§ **Work instructions**: Of the lines below, write out exactly those from the line with "J1: library part" through the line with "J6 J7 J8: library", both included, and skip the rest.

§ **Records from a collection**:
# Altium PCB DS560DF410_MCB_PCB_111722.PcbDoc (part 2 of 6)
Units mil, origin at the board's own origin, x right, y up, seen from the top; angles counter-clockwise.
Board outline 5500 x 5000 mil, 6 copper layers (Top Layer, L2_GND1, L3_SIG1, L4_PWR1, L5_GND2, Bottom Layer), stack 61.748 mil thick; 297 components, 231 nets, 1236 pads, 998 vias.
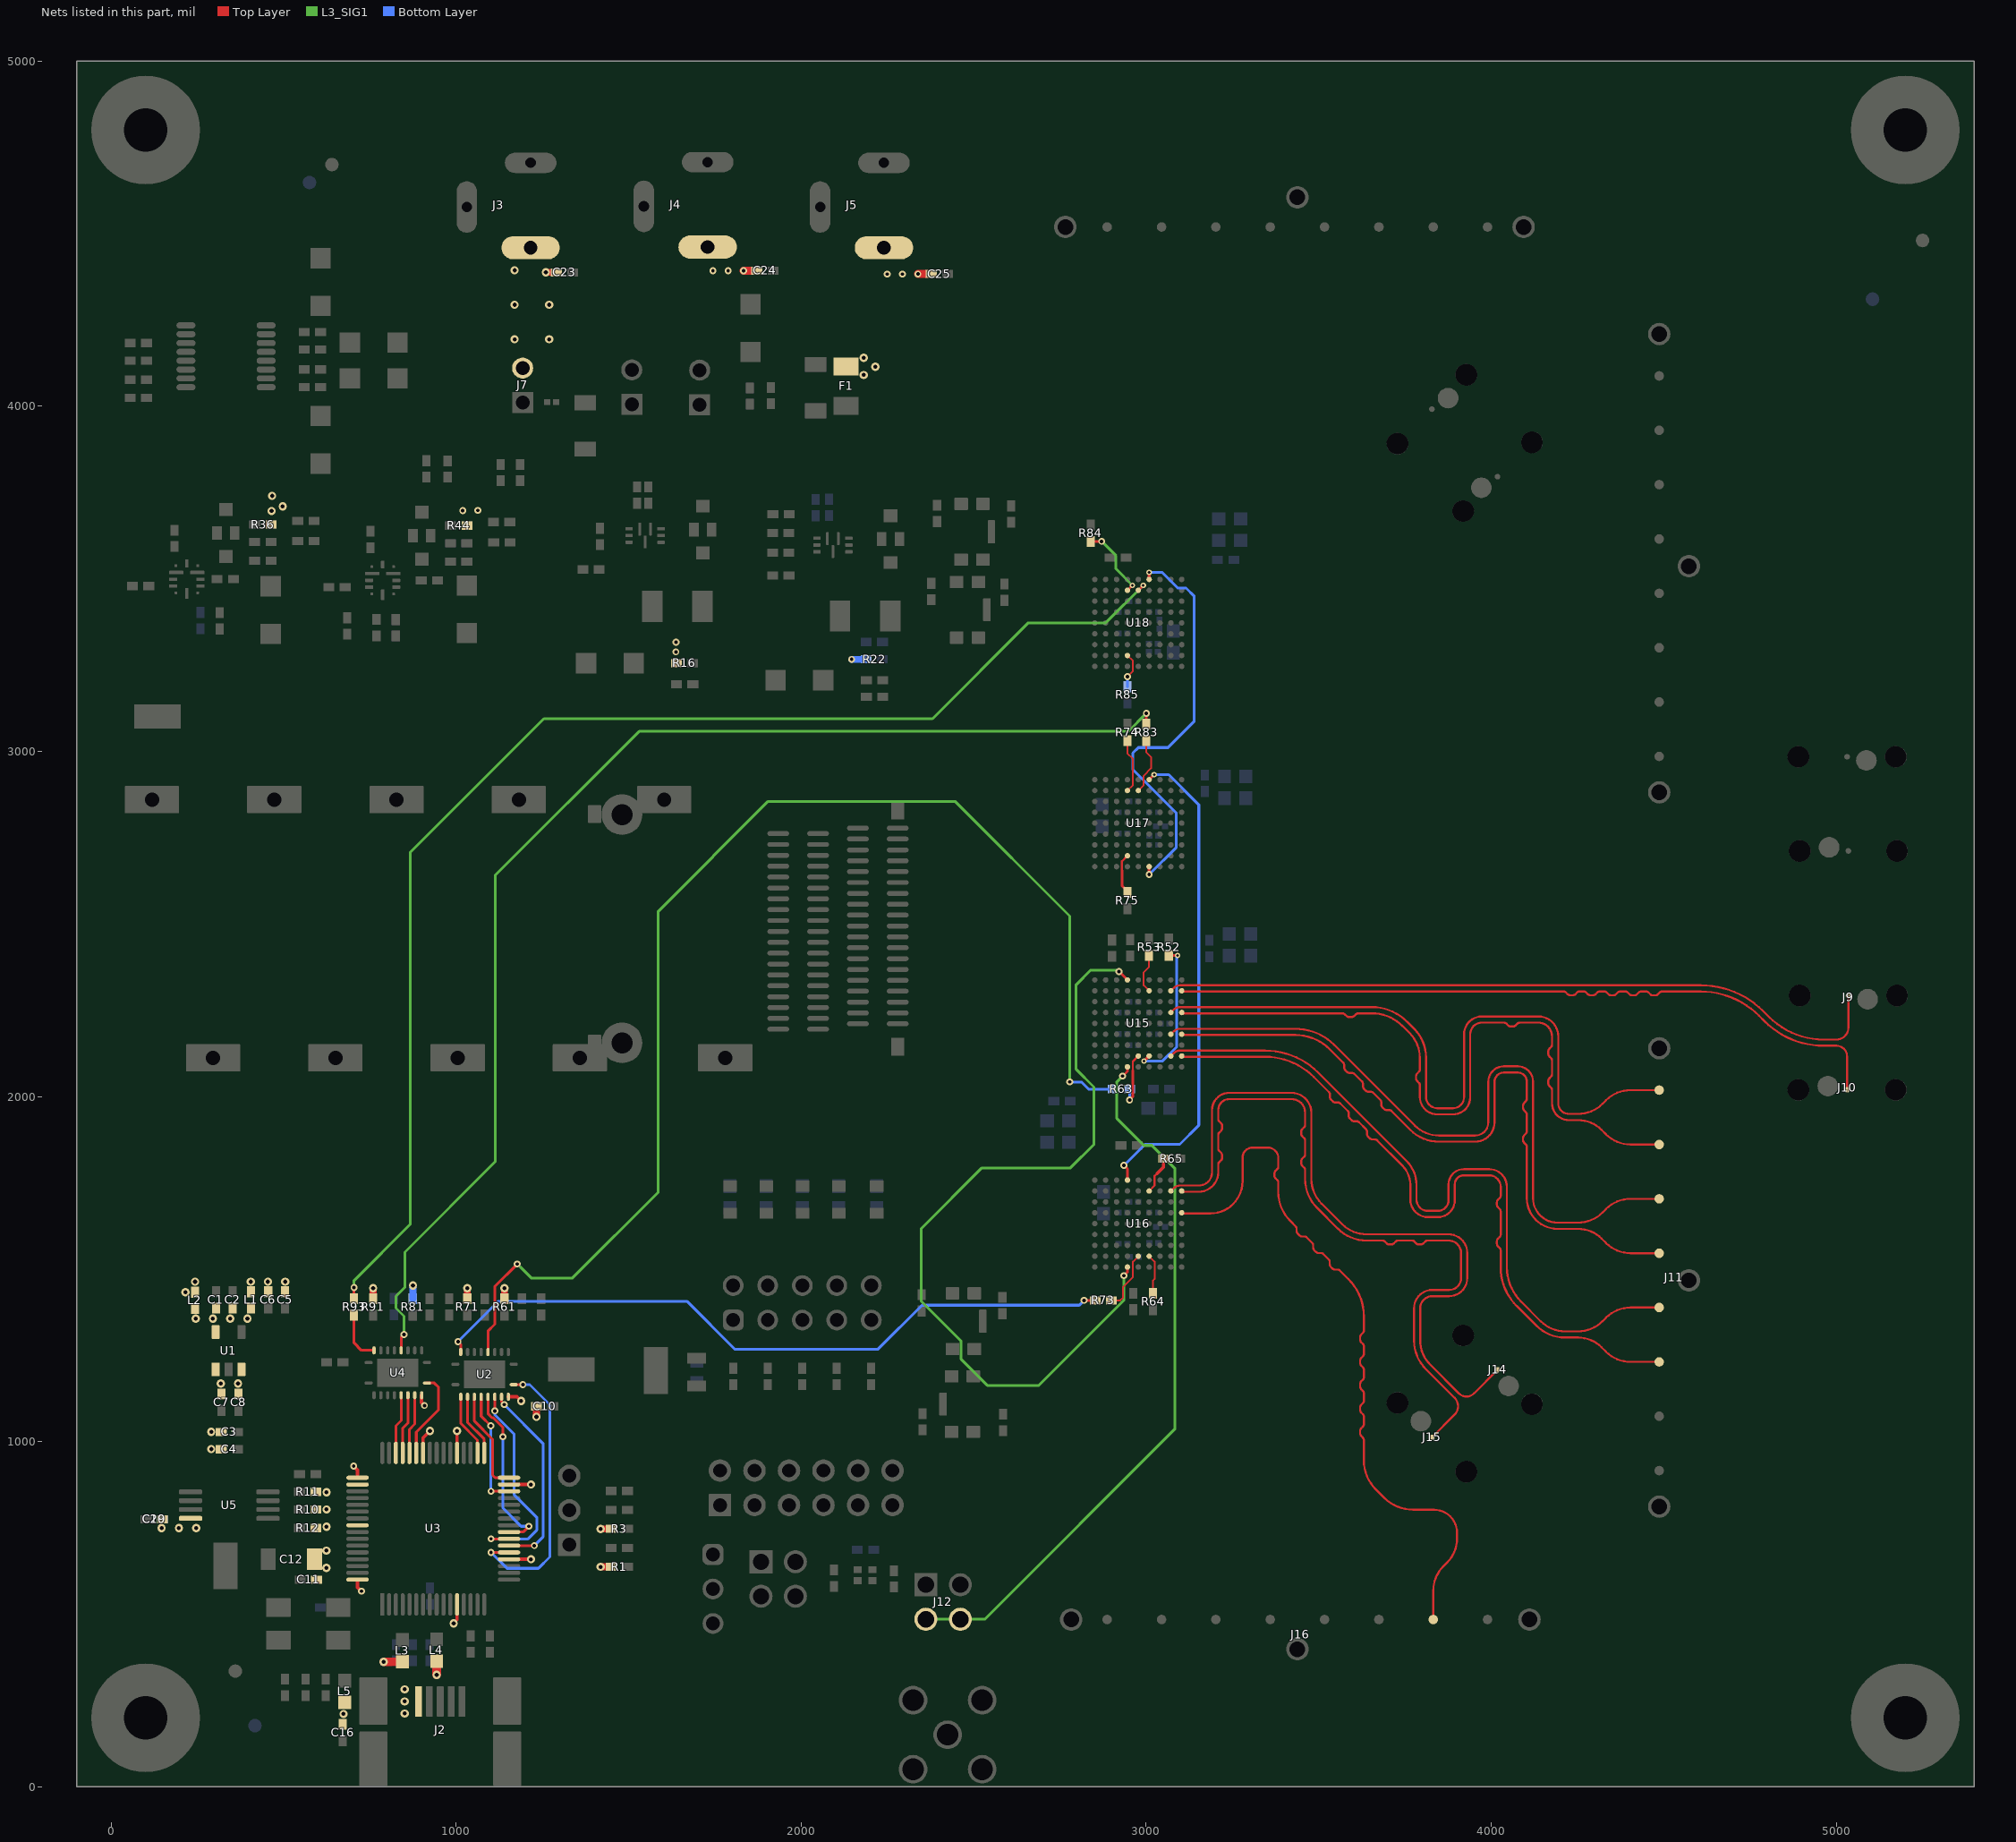
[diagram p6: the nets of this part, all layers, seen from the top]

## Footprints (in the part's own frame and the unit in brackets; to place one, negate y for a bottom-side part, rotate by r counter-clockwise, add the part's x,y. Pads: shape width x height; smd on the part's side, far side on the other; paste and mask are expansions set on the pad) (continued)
SAMTEC_SMA-J-P-H-ST-TH1 [mm] "TH, 5-Leads, Body 7x7mm"
  round 2.1 hole 1.6: 1(0,0) 2(-2.54,2.54) 3(2.54,2.54) 4(2.54,-2.54) 5(-2.54,-2.54)
  silkscreen extent -3.5,-3.5 3.5,3.5, body extent -3.5,-3.5 3.5,3.5, height 9.55
Samtec_TSW-103-08-x-S [mm] "Header, 2.54mm, 3x1, TH"
  rrect50% 1.53x1.53 hole 1.02: 1(-2.54,0)
  round 1.53 hole 1.02: 2(0,0) 3(2.54,0)
  body extent -3.94,-1.27 3.81,1.27, height 8.38
SAMTEC_TSW-105-08-X-D [mm] "Header, 2.54mm, 5x2, TH"
  rrect50% 1.53x1.53 hole 1.02: 1(-1.27,5.08)
  round 1.53 hole 1.02: 2(1.27,5.08) 3(-1.27,2.54) 4(1.27,2.54) 5(-1.27,0) 6(1.27,0) 7(-1.27,-2.54) 8(1.27,-2.54) 9(-1.27,-5.08) 10(1.27,-5.08)
  silkscreen extent -2.54,-6.35 2.54,7.59, body extent -2.54,-6.35 2.54,6.35, height 8.38
SPC02SYAN [mil] "SULLINS"
  round 1 on Mech3: 0(0,0)
  body extent -98,-47 99,47, height 366
Sullins_PxC02DAAN [mm] "Header, 2.54mm, 2x2, TH"
  rect 1.7x1.7 hole 1.2: 1(-1.27,1.27)
  round 1.7 hole 1.2: 2(1.27,1.27) 3(-1.27,-1.27) 4(1.27,-1.27)
  silkscreen extent -2.61,-2.8 2.61,3.2, body extent -2.61,-2.8 2.61,2.8, height 8.58
SW_KMR211GLFS [mm] "SMD. 5-Leads. Body 4.2x2.8mm"
  rrect11% 0.9x1 smd: 1(-2.05,0.8) 2(2.05,0.8) 3(-2.05,-0.8) 4(2.05,-0.8)
  rrect18% 1.7x0.55 smd: 5(0,-1.425)
  silkscreen extent -1.3,1.4 1.3,1.7, body extent -2.3,-1.4 2.3,1.4, height 1.92
Testpoint_Keystone_Miniature [mil] "Miniature SMT test point"
  rect 135x70 smd: 1(0,0)
  silkscreen extent -78,-46 78,45, body extent -52,-20 52,20, height 61
TSSOP-8 [mm] "TSSOP, 8-Leads, Body 3.1x4.5mm (max), Pitch 0.65mm, IPC Medium Density"
  rrect50% 1.7x0.35 smd: 1(-2.85,0.975) 2(-2.85,0.325) 3(-2.85,-0.325) 4(-2.85,-0.975) 5(2.85,-0.975) 6(2.85,-0.325) 7(2.85,0.325) 8(2.85,0.975)
  silkscreen extent -2.98,-1.55 1.6,1.82, body extent -3.2,-1.55 3.2,1.55, height 1.07
TSW-106-07-G-D [mm] "Samtec 100mil, 2x6, 230 mil above insulator"
  rrect6% 1.65x1.65 hole 1.016: 1(-6.35,-1.27)
  round 1.65 hole 1.016: 2(-6.35,1.27) 3(-3.81,-1.27) 4(-3.81,1.27) 5(-1.27,-1.27) 6(-1.27,1.27) 7(1.27,-1.27) 8(1.27,1.27) 9(3.81,-1.27) 10(3.81,1.27) 11(6.35,-1.27) 12(6.35,1.27)
  silkscreen extent -8.64,-2.54 7.62,2.54, body extent -7.62,-2.54 7.62,2.54, height 8.38
WEEE_Minimum [mil] "WEEElie bin"
  silkscreen extent -95,-172 99,104

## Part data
C1 C3 C5 C7 C18: library part CMP-0006268-2, "CAP, CERM, 4.7 uF, 10 V, +/- 10%, X5R, 0402", Cap_Case=0402_065, Manufacturer=TDK, Supplier Part Number 1=445-13820-1-ND, TempCo=X5R, Tolerance_%=10%, Value1="0.003417 ohm", Value2=10V, ValueDisplayed=4.7uF
C2 C4 C6 C8 C9 C10 C13 C17 C19 C20 C53: library part CMP-0860188-1, "CAP, CERM, 0.1 µF, 16 V,+/- 10%, X7R, 0402", Cap_Case=0402, Manufacturer="Taiyo Yuden", TempCo=X7R, Tolerance_%=10%, Value2=16V, ValueDisplayed=0.1µF
C11 C30 C32 C33 C36 C37 C40 C41 C45 C46: library part CMP-0084009-1, "CAP, CERM, 10 µF, 10 V,+/- 20%, X5R, 0402", Cap_Case=0402, Manufacturer="Samsung Electro-Mechanics", Supplier Part Number 1=1276-6830-6-ND, TempCo=X5R, Tolerance_%=20%, Value1="0.001 ohm", Value2=10V, ValueDisplayed=10µF
C12 C27: library part CMP-0008649-2, "CAP, CERM, 100 uF, 10 V, +/- 20%, X5R, 1206_190", Cap_Case=1206_190, Manufacturer=TDK, Supplier Part Number 1=445-6007-1-ND, TempCo=X5R, Tolerance_%=20%, Value1="0.002838 ohm", Value2=10V, ValueDisplayed=100uF
C14 C15: library part CMP-0006439-2, "CAP, CERM, 22 pF, 50 V, +/- 5%, C0G/NP0, 0402", Cap_Case=0402, Manufacturer=MuRata, Supplier Part Number 1=81-GRM1555C1H220JA1D, TempCo=C0G/NP0, Tolerance_%=5%, Value1=Unknown, Value2=50V, ValueDisplayed=22pF
C16: library part CMP-0006590-2, "CAP, CERM, 0.01 uF, 16 V, +/- 10%, X5R, 0402", Cap_Case=0402, Manufacturer=MuRata, Supplier Part Number 1=GRM155R61C103KA01D-ND, TempCo=X5R, Tolerance_%=10%, Value1=Unknown, Value2=16V, ValueDisplayed=0.01uF
C21 C22: library part CMP-0006365-2, "CAP, CERM, 27 pF, 50 V, +/- 5%, C0G/NP0, 0402", Cap_Case=0402, Manufacturer=MuRata, TempCo=C0G/NP0, Tolerance_%=5%, Value1=Unknown, Value2=50V, ValueDisplayed=27pF
C23 C24 C25 C42 C47: library part CMP-0006347-2, "CAP, CERM, 1 uF, 16 V, +/- 10%, X5R, 0402", Cap_Case=0402, Manufacturer="Taiyo Yuden", Supplier Part Number 1=587-3709-2-ND, TempCo=X5R, Tolerance_%=10%, Value1=Unknown, Value2=16V, ValueDisplayed=1uF
C26: library part CMP-0009013-2, "CAP, CERM, 47 uF, 10 V, +/- 10%, X5R, AEC-Q200 Grade 1, 1206", Cap_Case=1206, Manufacturer=MuRata, Supplier Part Number 1=490-12438-1-ND, TempCo=X5R, Tolerance_%=10%, Value1=Unknown, Value2=10V, ValueDisplayed=47uF
C28 C29 C34 C35 C38 C39: library part CMP-0006545-2, "CAP, CERM, 22 uF, 6.3 V, +/- 20%, X5R, 0402", Cap_Case=0402, Manufacturer=MuRata, TempCo=X5R, Tolerance_%=20%, Value1=Unknown, Value2=6.3V, ValueDisplayed=22uF
C31: library part CMP-0008932-2, "CAP, CERM, 220 uF, 4 V, +/- 20%, X5R, 1206_190", Cap_Case=1206, Manufacturer=MuRata, Supplier Part Number 1=490-9774-1-ND, TempCo=X5R, Tolerance_%=20%, Value1=Unknown, Value2=4V, ValueDisplayed=220uF
C43 C44 C48 C49: library part CMP-0006659-2, "CAP, CERM, 0.1 uF, 25 V, +/- 10%, X7R, 0402", Cap_Case=0402, Manufacturer=MuRata, Supplier Part Number 1=490-10698-1-ND, TempCo=X7R, Tolerance_%=10%, Value1=Unknown, Value2=25V, ValueDisplayed=0.1uF
C50 C51 C52 C56 C60 C62 C63 C64 C67 C71 C73 C74 C75 C78 C82 C84 C85 C86 C89 C93: library part CMP-0009670-3, "CAP, CERM, 0.1 uF, 16 V, +/- 10%, X5R, 0201", Cap_Case=0201, Manufacturer=MuRata, Supplier Part Number 1=490-10387-1-ND, TempCo=X5R, Tolerance_%=10%, Value1=Unknown, Value2=16V, ValueDisplayed=0.1uF
C54 C59 C65 C70 C76 C81 C87 C92: library part CMP-0086060-1, "CAP, CERM, 0.01 µF, 25 V,+/- 10%, X5R, 0201", Cap_Case=0201, Manufacturer=MuRata, TempCo=X5R, Tolerance_%=10%, Value2=25V, ValueDisplayed=0.01µF
C55 C66 C77 C88: library part CMP-0860563-1, "CAP, CERM, 0.22 µF, 16 V,+/- 10%, X7R, 0402", Cap_Case=0402, Manufacturer="Samsung Electro-Mechanics", TempCo=X7R, Tolerance_%=10%, Value2=16V, ValueDisplayed=0.22µF
C57 C58 C61 C68 C69 C72 C79 C80 C83 C90 C91 C94: library part CMP-0007335-5, "CAP, CERM, 1 uF, 16 V, +/- 10%, X5R, 0603", Cap_Case=0603, Manufacturer=MuRata, Supplier Part Number 1=490-1536-1-ND, TempCo=X5R, Tolerance_%=10%, Value1=Unknown, Value2=16V, ValueDisplayed=1uF
C95: library part CMP-0086228-1, "CAP, CERM, 10 µF, 16 V,+/- 10%, X5R, 0805", Cap_Case=0805, Manufacturer=MuRata, Supplier Part Number 1=490-6473-1-ND, TempCo=X5R, Tolerance_%=10%, Value2=16V, ValueDisplayed=10µF
C96: library part CMP-0007157-5, "CAP, CERM, 1 uF, 16 V, +/- 10%, X5R, 0603", Cap_Case=0603, Manufacturer=MuRata, Supplier Part Number 1=490-3894-1-ND, TempCo=X5R, Tolerance_%=10%, Value1=Unknown, Value2=16V, ValueDisplayed=1uF
D1 D2 D3 D4 D5 D6 D7 D8 D9: library part CMP-0002920-2, "LED, Green, SMD", Color=Green, Manufacturer=LiteOn, Value1=W, Value2=2V
D10 D11 D12 D13 D14: library part CMP-0002971-3, "LED, Green, SMD", Color=Green, Manufacturer=OSRAM, Value1=W, Value2=1.8V
F1: library part CMP-0003460-2, "Fuse, 8 A, 32VAC/VDC, SMD", Irating_A=8A, Manufacturer=Littelfuse, Supplier Part Number 1=F1610CT-ND
FID1 FID2 FID3 FID4 FID5 FID6: library part CMP-0077181-1, "Fiducial mark.  There is nothing to buy or mount.", Manufacturer=N/A
H1 H2 H3 H4: library part CMP-0003617-1, "Machine Screw, Round, #4-40 x 1/4, Nylon, Philips panhead", Manufacturer="B&F Fastener Supply", Supplier Part Number 1=H542-ND
J1: library part CMP-0075484-1, "Header, 100mil, 3x1, Gold, TH", Manufacturer=Samtec, Supplier Part Number 1=HTSW-103-07-G-S-ND
J2: library part CMP-0079047-2, "Receptacle, USB Mini-AB, 0.8mm, 5x1, Gold, R/A, SMT", Current_A=1A, Manufacturer=Molex, Voltage_V=30V
J3 J4 J5: library part CMP-0074931-1, "Power Jack, mini, 2.5mm OD, R/A, TH", Manufacturer=Switchcraft, Supplier Part Number 1=SC237-ND
J6 J7 J8: library part CMP-0075626-1, "Header, 100mil, 2x1, Gold, TH", Color=Black, Manufacturer=Samtec
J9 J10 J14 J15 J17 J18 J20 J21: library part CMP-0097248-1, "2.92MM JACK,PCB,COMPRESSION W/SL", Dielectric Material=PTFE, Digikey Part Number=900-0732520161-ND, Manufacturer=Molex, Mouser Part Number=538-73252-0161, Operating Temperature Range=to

§ **Answer box**:
J1: library part CMP-0075484-1, "Header, 100mil, 3x1, Gold, TH", Manufacturer=Samtec, Supplier Part Number 1=HTSW-103-07-G-S-ND
J2: library part CMP-0079047-2, "Receptacle, USB Mini-AB, 0.8mm, 5x1, Gold, R/A, SMT", Current_A=1A, Manufacturer=Molex, Voltage_V=30V
J3 J4 J5: library part CMP-0074931-1, "Power Jack, mini, 2.5mm OD, R/A, TH", Manufacturer=Switchcraft, Supplier Part Number 1=SC237-ND
J6 J7 J8: library part CMP-0075626-1, "Header, 100mil, 2x1, Gold, TH", Color=Black, Manufacturer=Samtec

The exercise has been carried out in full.